Information given:
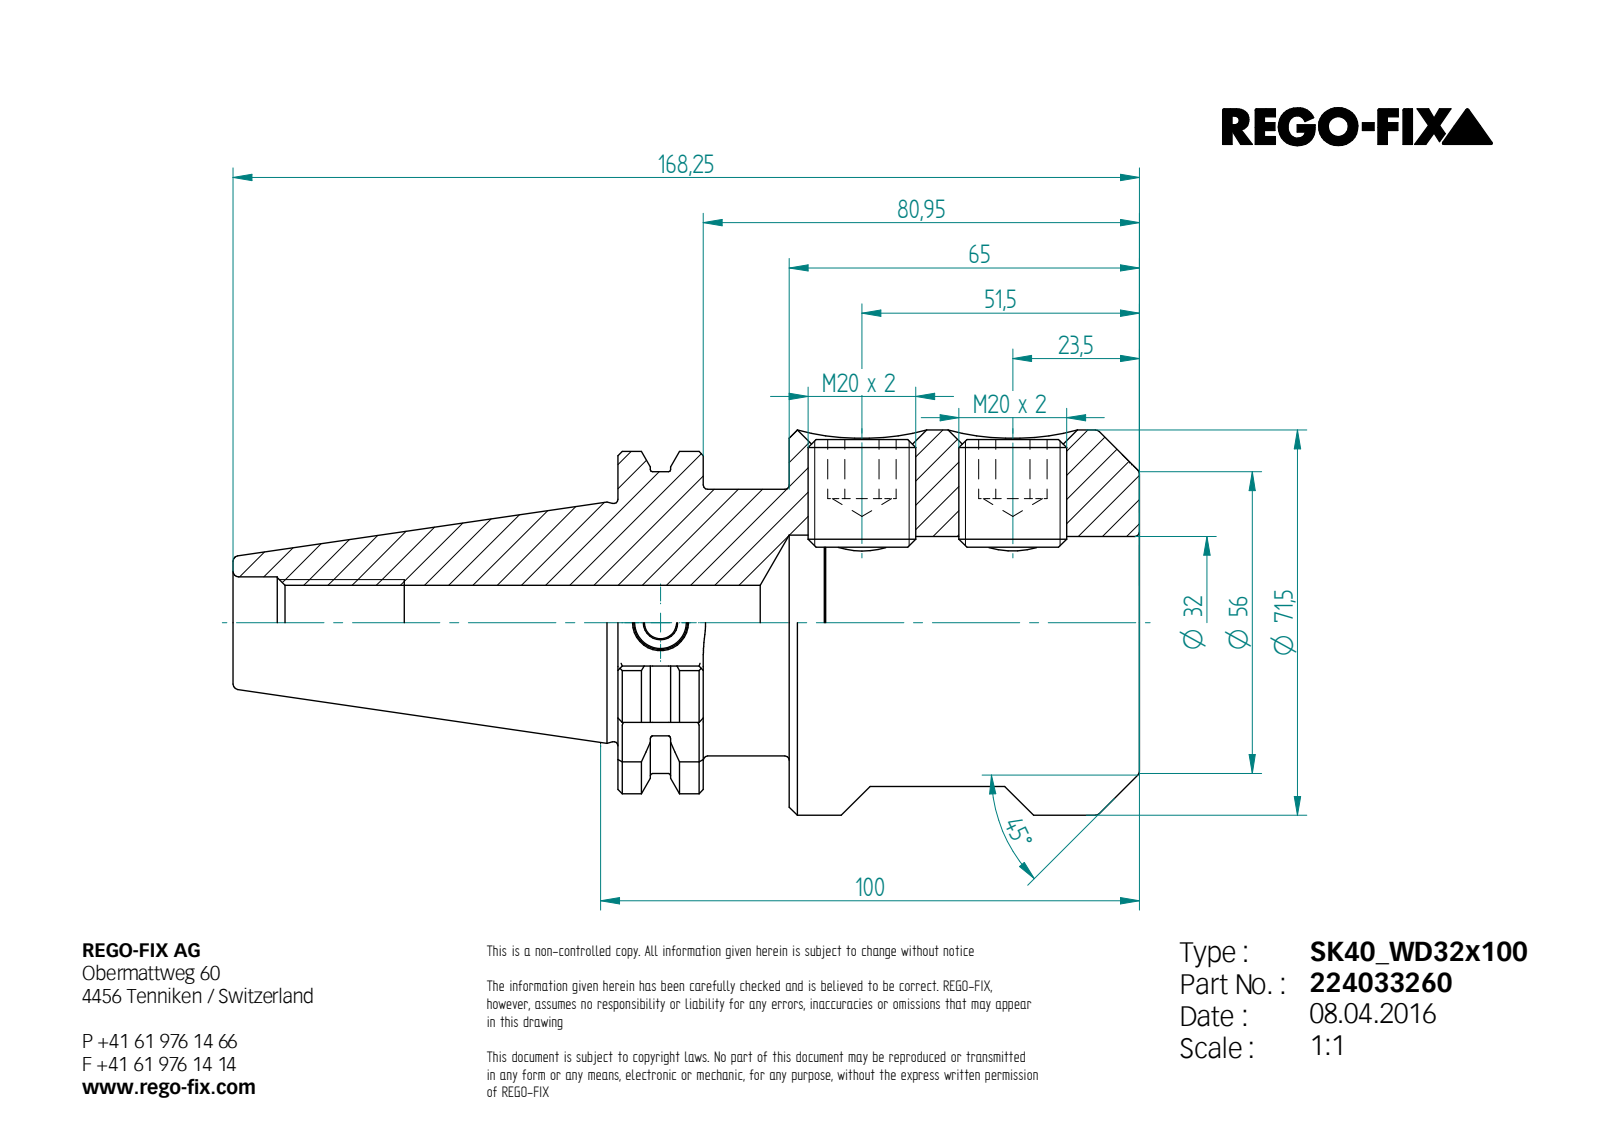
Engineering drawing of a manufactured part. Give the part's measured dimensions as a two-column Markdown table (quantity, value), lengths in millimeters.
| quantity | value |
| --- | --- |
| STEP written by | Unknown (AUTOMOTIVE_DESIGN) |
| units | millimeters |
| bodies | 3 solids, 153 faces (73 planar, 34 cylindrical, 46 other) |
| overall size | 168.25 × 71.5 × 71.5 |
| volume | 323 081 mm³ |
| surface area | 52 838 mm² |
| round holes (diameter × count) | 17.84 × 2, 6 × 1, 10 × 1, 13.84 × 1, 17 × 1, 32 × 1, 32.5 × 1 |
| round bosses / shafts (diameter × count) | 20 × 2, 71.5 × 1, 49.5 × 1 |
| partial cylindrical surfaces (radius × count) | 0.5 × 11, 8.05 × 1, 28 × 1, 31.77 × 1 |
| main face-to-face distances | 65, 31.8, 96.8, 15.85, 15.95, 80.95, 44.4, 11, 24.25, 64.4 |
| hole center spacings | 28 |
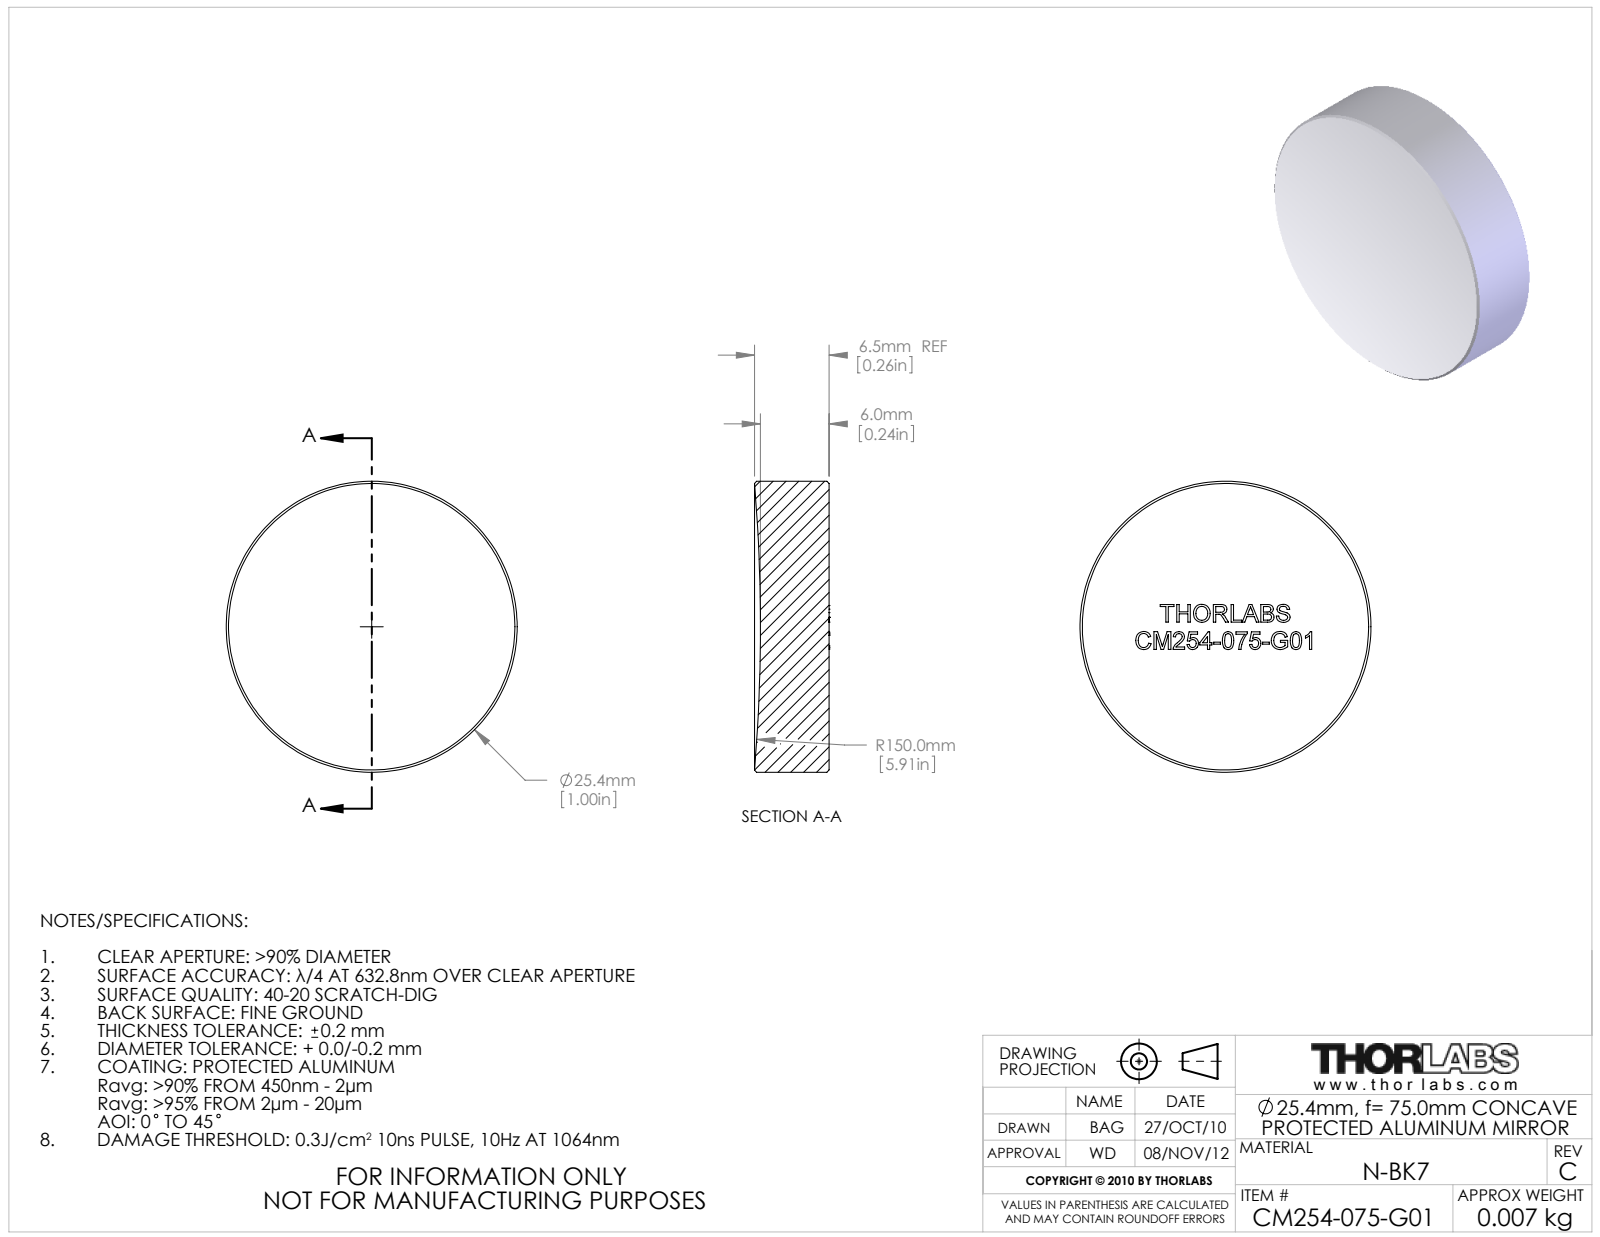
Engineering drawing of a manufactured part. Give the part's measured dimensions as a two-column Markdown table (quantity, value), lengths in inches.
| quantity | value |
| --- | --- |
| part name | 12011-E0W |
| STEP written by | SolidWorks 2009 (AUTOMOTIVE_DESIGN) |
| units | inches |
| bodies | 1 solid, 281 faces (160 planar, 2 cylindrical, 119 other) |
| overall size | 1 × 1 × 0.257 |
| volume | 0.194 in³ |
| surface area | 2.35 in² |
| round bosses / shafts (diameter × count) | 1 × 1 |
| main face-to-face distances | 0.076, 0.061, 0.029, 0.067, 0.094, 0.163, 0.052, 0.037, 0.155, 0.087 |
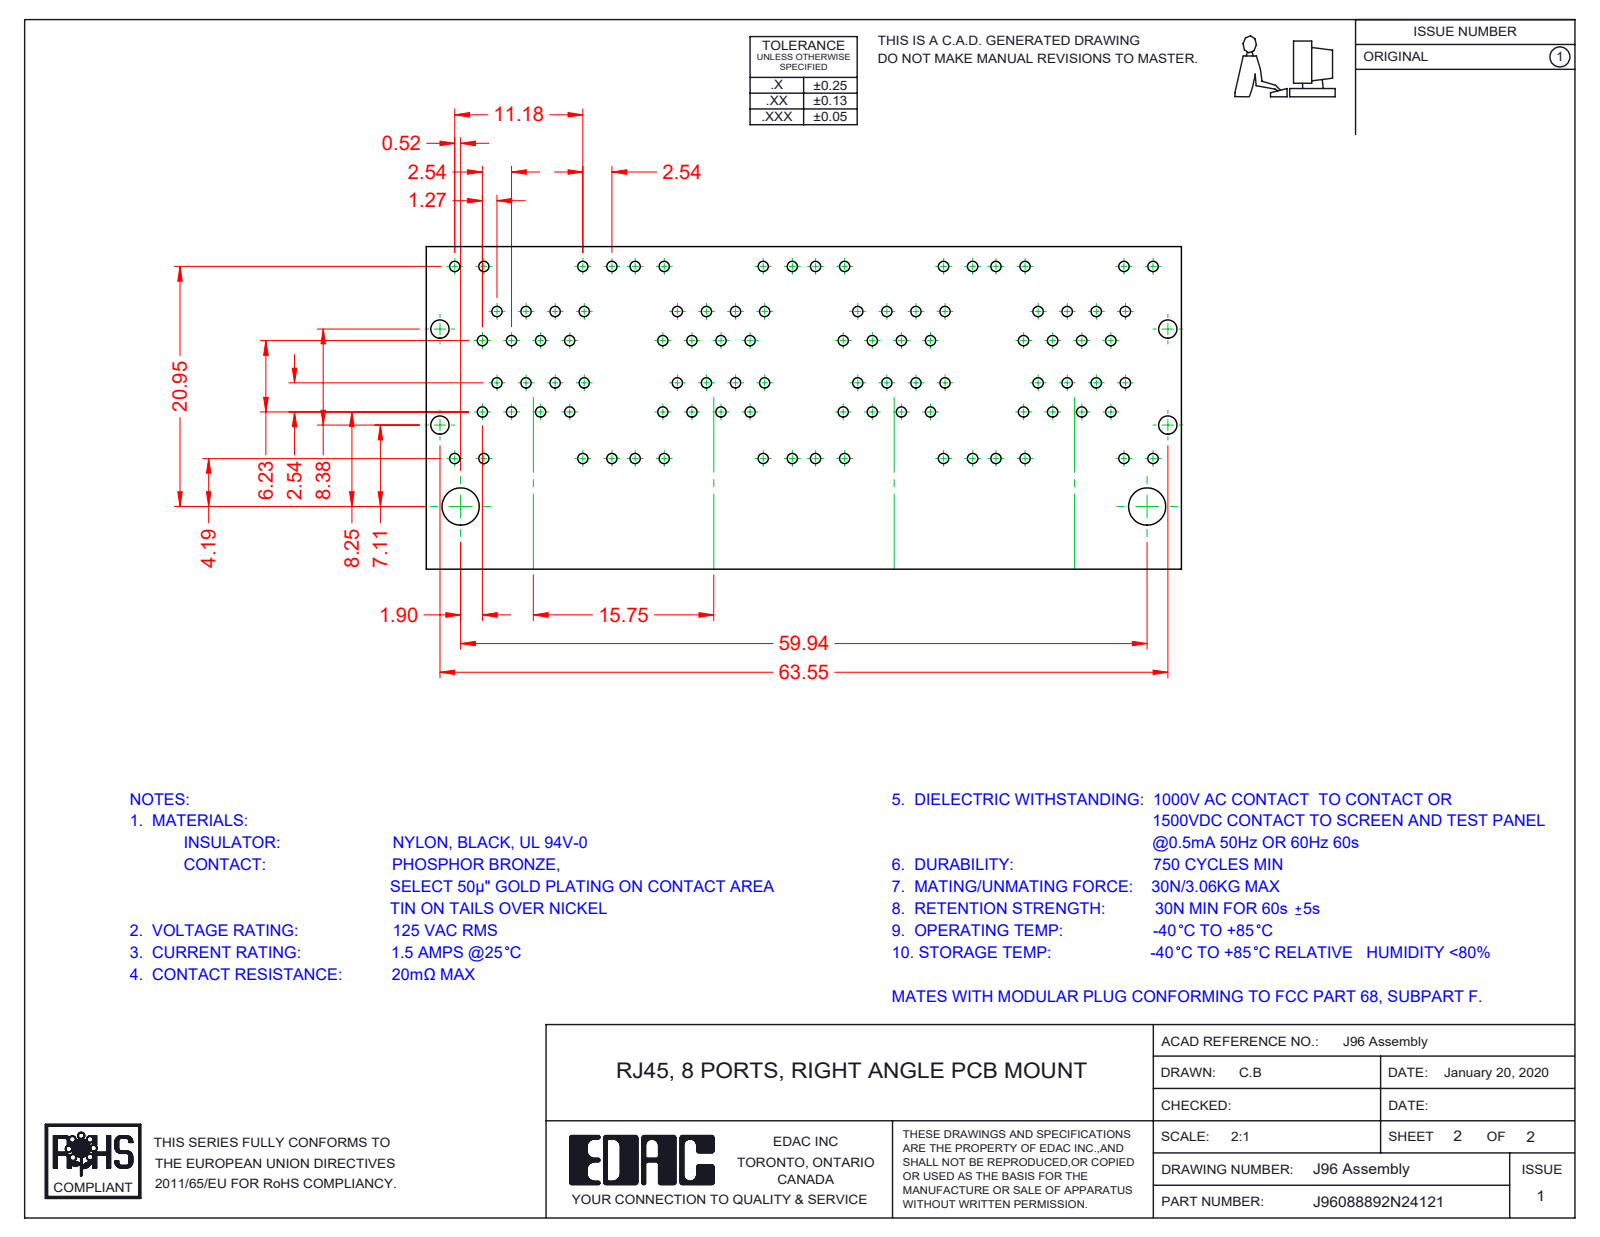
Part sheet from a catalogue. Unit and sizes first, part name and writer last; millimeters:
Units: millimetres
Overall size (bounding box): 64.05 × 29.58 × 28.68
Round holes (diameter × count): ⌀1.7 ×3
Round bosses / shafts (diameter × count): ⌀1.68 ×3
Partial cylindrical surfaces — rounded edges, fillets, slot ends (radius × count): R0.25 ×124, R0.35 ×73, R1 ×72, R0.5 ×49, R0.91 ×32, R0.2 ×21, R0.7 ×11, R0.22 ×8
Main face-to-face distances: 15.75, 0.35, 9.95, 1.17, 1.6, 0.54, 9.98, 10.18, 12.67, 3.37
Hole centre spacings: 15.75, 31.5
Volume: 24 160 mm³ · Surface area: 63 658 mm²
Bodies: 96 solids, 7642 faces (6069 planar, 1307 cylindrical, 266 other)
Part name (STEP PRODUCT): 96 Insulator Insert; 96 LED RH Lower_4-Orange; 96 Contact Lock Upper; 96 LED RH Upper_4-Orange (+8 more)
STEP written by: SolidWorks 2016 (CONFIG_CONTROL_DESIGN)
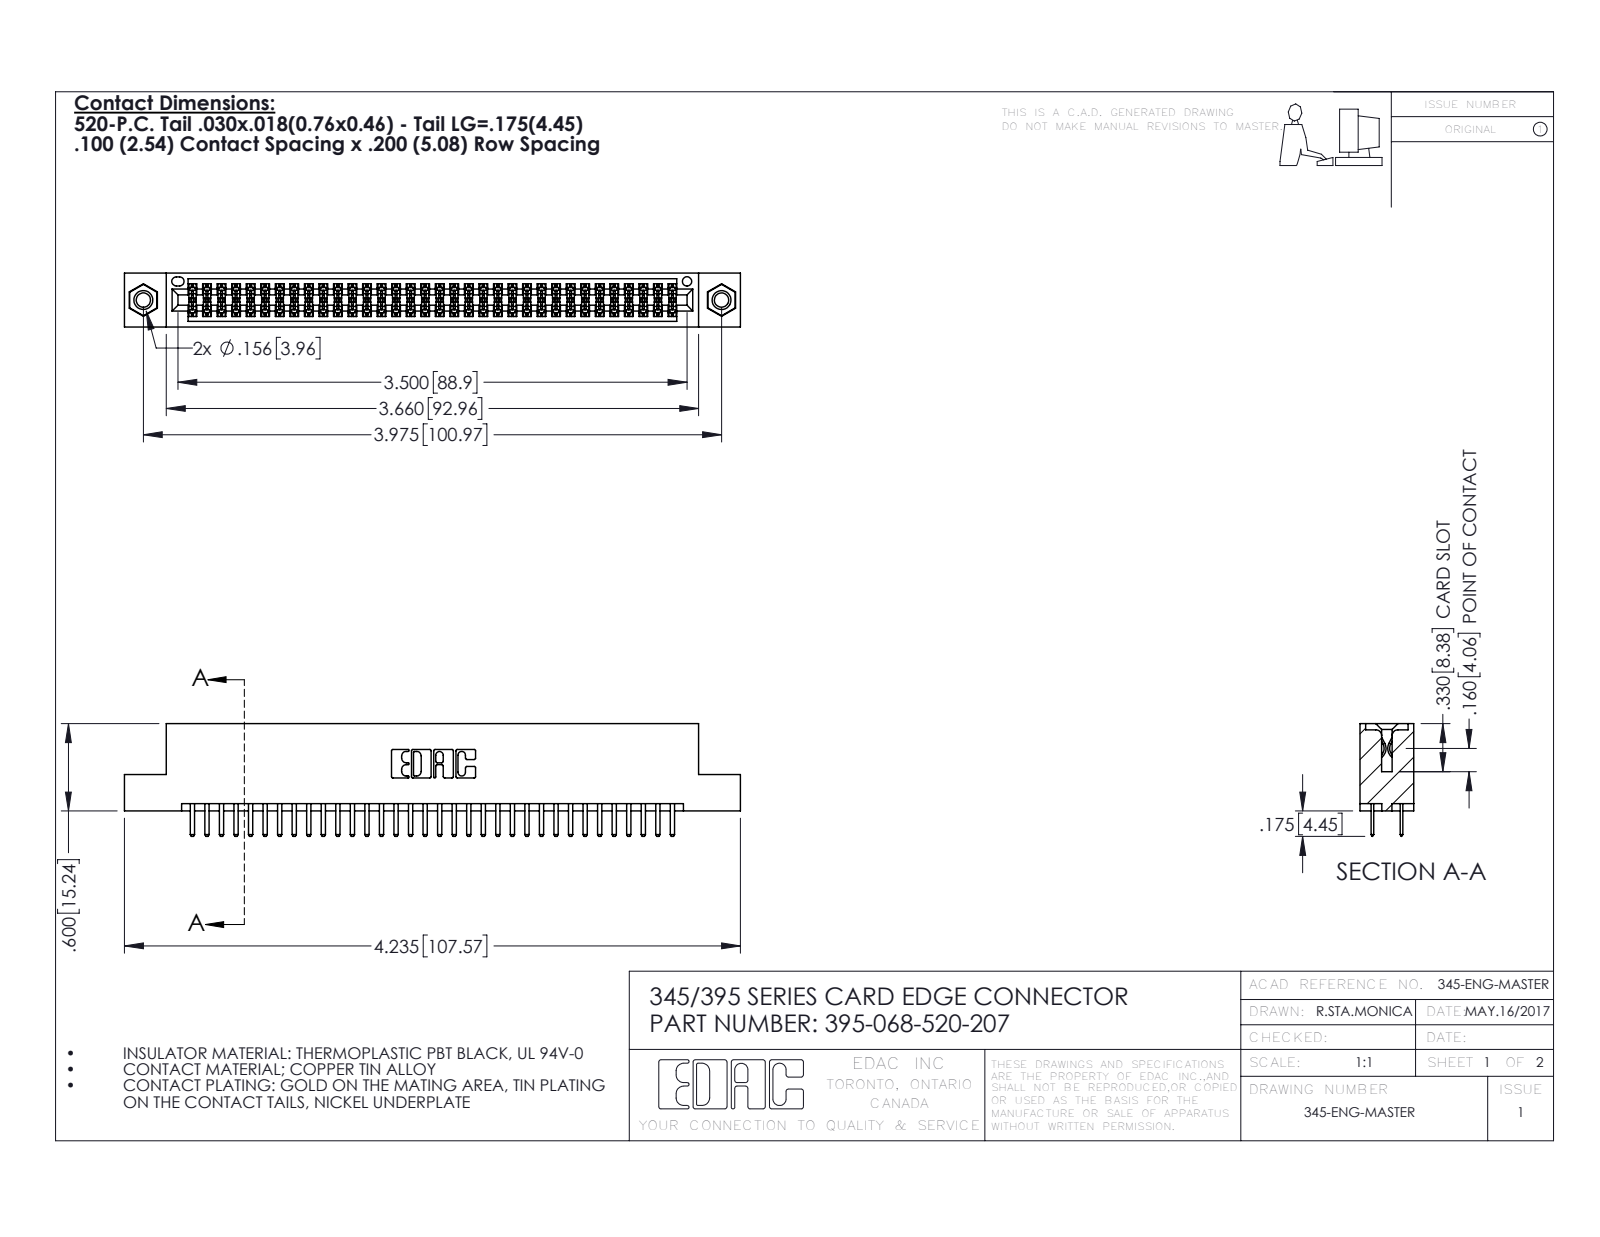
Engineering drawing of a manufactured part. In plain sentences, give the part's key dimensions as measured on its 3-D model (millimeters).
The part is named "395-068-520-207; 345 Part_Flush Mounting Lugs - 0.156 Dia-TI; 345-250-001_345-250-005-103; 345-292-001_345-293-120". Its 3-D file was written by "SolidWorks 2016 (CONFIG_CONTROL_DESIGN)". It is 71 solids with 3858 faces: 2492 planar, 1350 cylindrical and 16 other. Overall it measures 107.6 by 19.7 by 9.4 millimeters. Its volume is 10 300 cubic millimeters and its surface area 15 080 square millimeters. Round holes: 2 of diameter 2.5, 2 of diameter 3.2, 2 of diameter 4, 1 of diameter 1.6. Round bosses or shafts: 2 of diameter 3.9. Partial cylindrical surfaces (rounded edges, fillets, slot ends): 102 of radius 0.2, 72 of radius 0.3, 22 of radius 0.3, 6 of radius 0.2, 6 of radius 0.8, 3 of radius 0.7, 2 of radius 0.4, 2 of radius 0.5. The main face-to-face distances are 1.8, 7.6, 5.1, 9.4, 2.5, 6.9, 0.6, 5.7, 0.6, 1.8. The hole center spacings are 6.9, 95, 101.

Exercise description:
Reproduce the full listing faithfully, but do not carry over any pictures.

Your solution:
Engineering drawing of a manufactured part. Give the part's measured dimensions as a two-column Markdown table (quantity, value), lengths in millimeters.
| quantity | value |
| --- | --- |
| STEP written by | Unknown (AUTOMOTIVE_DESIGN) |
| units | millimeters |
| bodies | 3 solids, 153 faces (73 planar, 34 cylindrical, 46 other) |
| overall size | 168.25 × 71.5 × 71.5 |
| volume | 323 081 mm³ |
| surface area | 52 838 mm² |
| round holes (diameter × count) | 17.84 × 2, 6 × 1, 10 × 1, 13.84 × 1, 17 × 1, 32 × 1, 32.5 × 1 |
| round bosses / shafts (diameter × count) | 20 × 2, 71.5 × 1, 49.5 × 1 |
| partial cylindrical surfaces (radius × count) | 0.5 × 11, 8.05 × 1, 28 × 1, 31.77 × 1 |
| main face-to-face distances | 65, 31.8, 96.8, 15.85, 15.95, 80.95, 44.4, 11, 24.25, 64.4 |
| hole center spacings | 28 |
Engineering drawing of a manufactured part. Give the part's measured dimensions as a two-column Markdown table (quantity, value), lengths in inches.
| quantity | value |
| --- | --- |
| part name | 12011-E0W |
| STEP written by | SolidWorks 2009 (AUTOMOTIVE_DESIGN) |
| units | inches |
| bodies | 1 solid, 281 faces (160 planar, 2 cylindrical, 119 other) |
| overall size | 1 × 1 × 0.257 |
| volume | 0.194 in³ |
| surface area | 2.35 in² |
| round bosses / shafts (diameter × count) | 1 × 1 |
| main face-to-face distances | 0.076, 0.061, 0.029, 0.067, 0.094, 0.163, 0.052, 0.037, 0.155, 0.087 |
Part sheet from a catalogue. Unit and sizes first, part name and writer last; millimeters:
Units: millimetres
Overall size (bounding box): 64.05 × 29.58 × 28.68
Round holes (diameter × count): ⌀1.7 ×3
Round bosses / shafts (diameter × count): ⌀1.68 ×3
Partial cylindrical surfaces — rounded edges, fillets, slot ends (radius × count): R0.25 ×124, R0.35 ×73, R1 ×72, R0.5 ×49, R0.91 ×32, R0.2 ×21, R0.7 ×11, R0.22 ×8
Main face-to-face distances: 15.75, 0.35, 9.95, 1.17, 1.6, 0.54, 9.98, 10.18, 12.67, 3.37
Hole centre spacings: 15.75, 31.5
Volume: 24 160 mm³ · Surface area: 63 658 mm²
Bodies: 96 solids, 7642 faces (6069 planar, 1307 cylindrical, 266 other)
Part name (STEP PRODUCT): 96 Insulator Insert; 96 LED RH Lower_4-Orange; 96 Contact Lock Upper; 96 LED RH Upper_4-Orange (+8 more)
STEP written by: SolidWorks 2016 (CONFIG_CONTROL_DESIGN)
Engineering drawing of a manufactured part. In plain sentences, give the part's key dimensions as measured on its 3-D model (millimeters).
The part is named "395-068-520-207; 345 Part_Flush Mounting Lugs - 0.156 Dia-TI; 345-250-001_345-250-005-103; 345-292-001_345-293-120". Its 3-D file was written by "SolidWorks 2016 (CONFIG_CONTROL_DESIGN)". It is 71 solids with 3858 faces: 2492 planar, 1350 cylindrical and 16 other. Overall it measures 107.6 by 19.7 by 9.4 millimeters. Its volume is 10 300 cubic millimeters and its surface area 15 080 square millimeters. Round holes: 2 of diameter 2.5, 2 of diameter 3.2, 2 of diameter 4, 1 of diameter 1.6. Round bosses or shafts: 2 of diameter 3.9. Partial cylindrical surfaces (rounded edges, fillets, slot ends): 102 of radius 0.2, 72 of radius 0.3, 22 of radius 0.3, 6 of radius 0.2, 6 of radius 0.8, 3 of radius 0.7, 2 of radius 0.4, 2 of radius 0.5. The main face-to-face distances are 1.8, 7.6, 5.1, 9.4, 2.5, 6.9, 0.6, 5.7, 0.6, 1.8. The hole center spacings are 6.9, 95, 101.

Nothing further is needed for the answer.